Even today, in writing this testimony, I am praising God in advance. I am awaiting a possible offer for full-time employment AS A WRITER, and am interviewing furiously because employers actively seek out the words I have to offer. I had a speaking engagement last week, and look forward to encouraging other women to share their words and offer up their stories. There’s one more thing. I just submitted a piece for consideration to the New York Times Opinion section on life and career re-invention, faith and gratitude. It is the single biggest leap of faith I have ever taken as a writer. It will be awesome, marvelous, and glorious if it gets published. It is awesome, marvelous, and all Glory and Honor-attributable to God that I did it at all. It’s harvest time.
According to one biblical commentary, Habakkuk teaches us that those “who, when full, enjoyed God in all, when emptied and poor, can enjoy all in God. They can sit down upon the heap of the ruins of their creature-comforts, and even then praise the Lord, as the God of their salvation (from www.christianity.com).
I wish I could honestly say that I was always joyful in my praise, and that I was always content in my state, but that would be untrue. My praise was often grudging, petulant, false and half-hearted. Thank God for Grace. According to Pastor and author John Piper, “Grace is the pleasure of God to magnify the worth of God by giving sinners the right and power to delight in God without obscuring the glory of God.” Over the last 10 years, I’ve benefited from more than my fair share. You know what I learned about fig trees? The roots are tenacious, even invasive. They do not give up. There’s a testimony there.
I can’t know where you are in your dreaming journey now, but I can testify to you from a little way down the road. I know what it is to feel defeated. I remember the sting of discouragement. I can still taste the bitterness of another failed attempt and another closed door. That is when we are closest to God, and closest to our own harvests.

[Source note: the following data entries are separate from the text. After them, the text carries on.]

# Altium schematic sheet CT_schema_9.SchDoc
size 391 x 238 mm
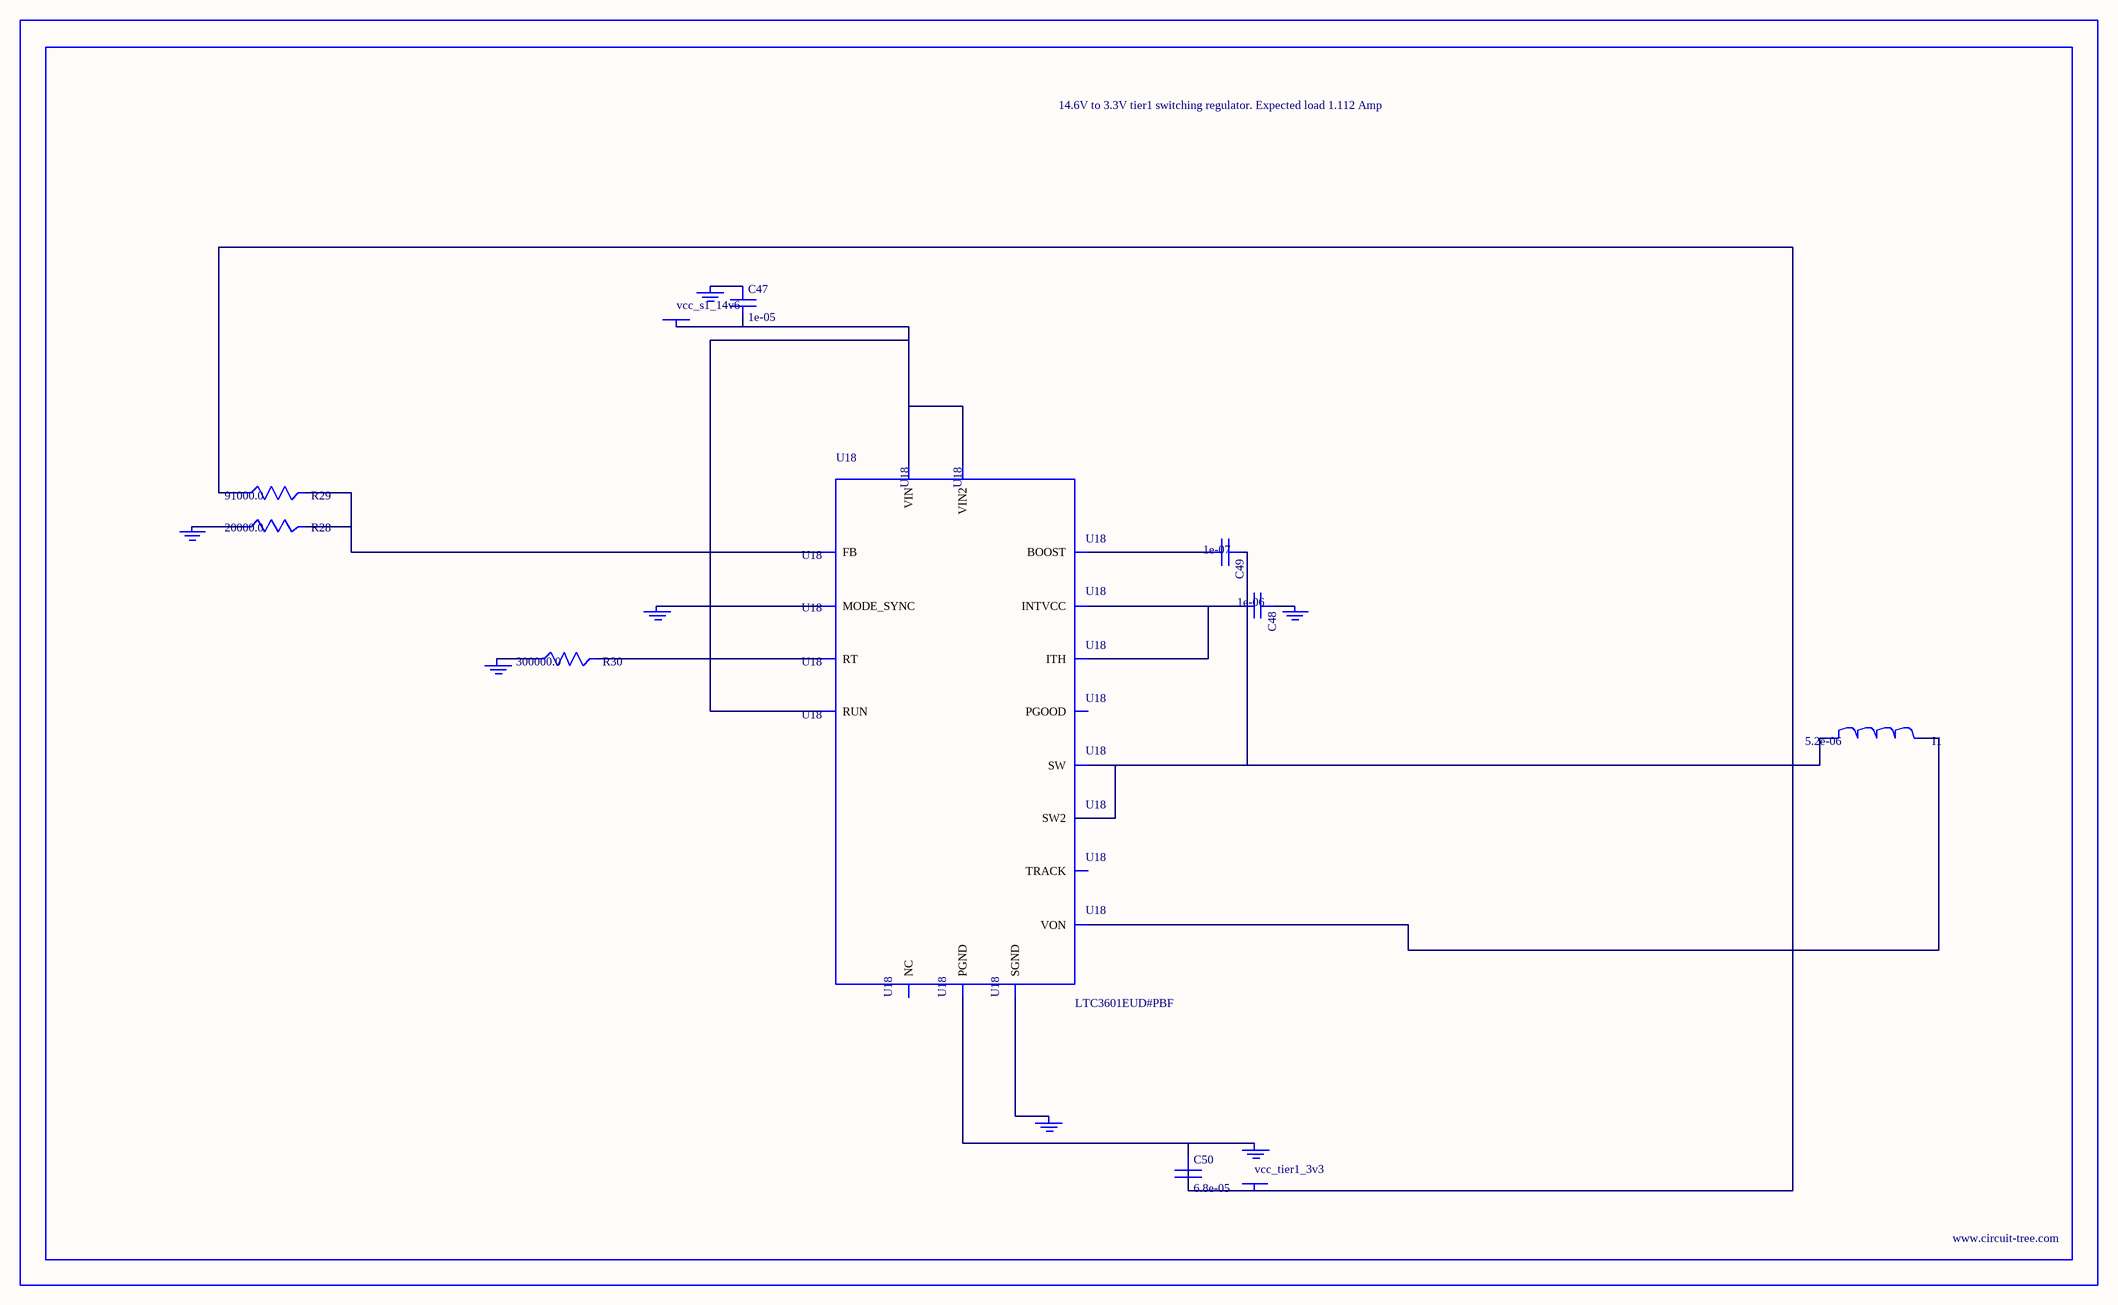
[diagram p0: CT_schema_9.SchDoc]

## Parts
BORDER8  (no value)
C47  1e-05  [C0805]
C48  1e-06  [C0603]
C49  1e-07  [C0402]
C50  6.8e-05  [2220]
GND_INSTANCE_8_0  (no value)
GND_INSTANCE_8_1  (no value)
GND_INSTANCE_8_2  (no value)
GND_INSTANCE_8_3  (no value)
GND_INSTANCE_8_4  (no value)
GND_INSTANCE_8_5  (no value)
GND_INSTANCE_8_6  (no value)
I1  5.2e-06  [DR1040]
POWER_INSTANCE_8_0  vcc_s1_14v6
POWER_INSTANCE_8_1  vcc_tier1_3v3
R28  20000.0  [R0603]
R29  91000.0  [R0603]
R30  300000.0  [R0603]
U18  LTC3601EUD#PBF  [QFN-16_EP]

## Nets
NetC47_1: C47.1 GND_INSTANCE_8_5.0(GND)
NetC47_2: C47.2 POWER_INSTANCE_8_0.0(PWR) U18.14(RUN) U18.15(VIN) U18.16(VIN2)
NetC48_1: C48.1 GND_INSTANCE_8_1.0(GND)
NetC48_2: C48.2 U18.7(INTVCC) U18.12(ITH)
NetC49_1: C49.1 I1.1 U18.3(SW) U18.4(SW2)
NetC49_2: C49.2 U18.6(BOOST)
NetC50_1: C50.1 GND_INSTANCE_8_6.0(GND) U18.17(PGND)
NetC50_2: C50.2 I1.2 POWER_INSTANCE_8_1.0(PWR) R29.1 U18.8(VON)
NetGND_INSTANCE_8_0_0: GND_INSTANCE_8_0.0(GND) U18.1(MODE_SYNC)
NetGND_INSTANCE_8_2_0: GND_INSTANCE_8_2.0(GND) U18.9(SGND)
NetGND_INSTANCE_8_3_0: GND_INSTANCE_8_3.0(GND) R30.1
NetGND_INSTANCE_8_4_0: GND_INSTANCE_8_4.0(GND) R28.1
NetR28_2: R28.2 R29.2 U18.11(FB)
NetR30_2: R30.2 U18.10(RT)

Not connected (* = marked no-connect by the designer): U18 2(PGOOD) 5(NC) 13(TRACK)

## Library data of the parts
BORDER8 = BORDER_PAGE8
C47 = C0805C106K8RACTU
C48 = C0603C105K3RACTU
C49 = C0402C104K3RACTU
C50 = C5750X5R1A686M
GND_INSTANCE_8_0-GND_INSTANCE_8_6 = GND
I1 = DR1040-5R2-R
POWER_INSTANCE_8_0 POWER_INSTANCE_8_1 = PWR
R28 = RC0603JR-0720KL
R29 = RC0603JR-0791KL
R30 = RC0603JR-07300KL
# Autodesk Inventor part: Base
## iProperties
Created: 2005-11
Part Number: Base
Document SubType Name: Modeling
Designer: Administrator
Manufacturer: Standard
Standards Organization: Custom
Author: Administrator
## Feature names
1. Extrusion1
2. Extrusion2
3. Extrusion3
4. Extrusion4
5. Extrusion5
6. Chamfer1
7. Extrusion6
8. Chamfer2

He is always waiting for us to be completely broken, yielded, surrendered, and available to grow in the ways He always intended. We are already triumphant, even though our victories may look nothing like the happy endings or dreams we imagined.
Surrender and trust Him, because His plans are better, and I am grateful. I’m learning to stay out of the way, praising Him in advance, knowing while this dream has been achieved, there is so much more in God’s Plan for me, for us all.
What’s your dream? I’d love to hear it.